All of the entries need to be printed again exactly; pictures are the only thing to omit.

## [Data shown]
#####

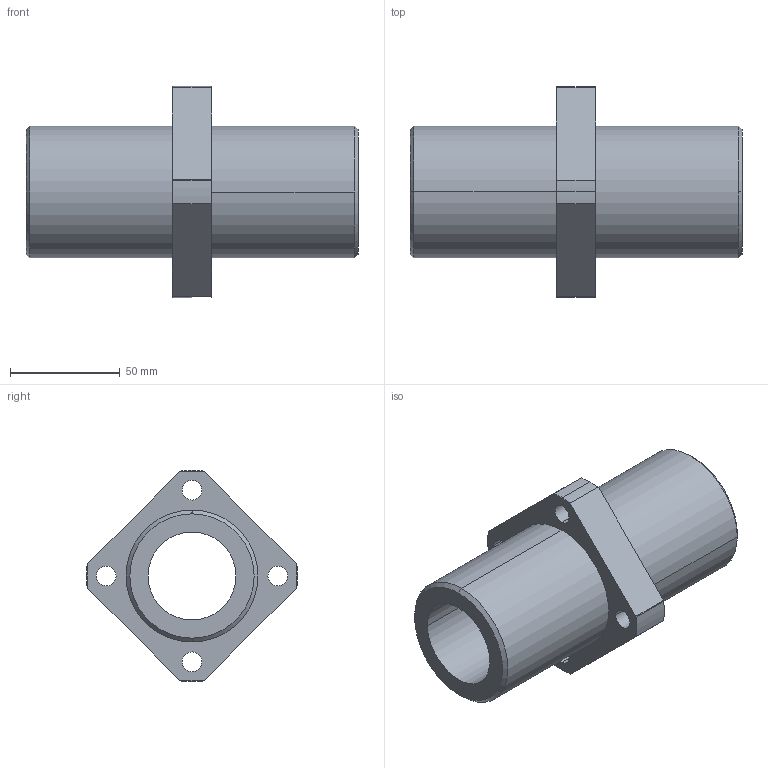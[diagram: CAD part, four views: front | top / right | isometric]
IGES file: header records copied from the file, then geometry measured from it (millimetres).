
Start section: 3D InterOp IGES (Version 21 0 1), Spatial Corp. Copyright (c) 1999-2007.
Global section: file name: CFPJ40.igs; native system: Spatial Corp.; preprocessor: 3D InterOp GENERIC/IGES 3.0; author: Noname; organization: Noname; date: 20220324.125808; units: millimetre
Bounding box: 151 x 95.93 x 96 mm (x, y, z)
Surface area: 59284 mm2 (no closed solid volume)
Topology: 0 solids, 0 shells, 53 faces, 264 edges, 264 vertices
Faces by surface type: revolution 41, extrusion 12

#####

## [Answer section]
[diagram: CAD part, four views: front | top / right | isometric]
IGES file: header records copied from the file, then geometry measured from it (millimetres).
Start section: 3D InterOp IGES (Version 21 0 1), Spatial Corp. Copyright (c) 1999-2007.
Global section: file name: CFPJ40.igs; native system: Spatial Corp.; preprocessor: 3D InterOp GENERIC/IGES 3.0; author: Noname; organization: Noname; date: 20220324.125808; units: millimetre
Bounding box: 151 x 95.93 x 96 mm (x, y, z)
Surface area: 59284 mm2 (no closed solid volume)
Topology: 0 solids, 0 shells, 53 faces, 264 edges, 264 vertices
Faces by surface type: revolution 41, extrusion 12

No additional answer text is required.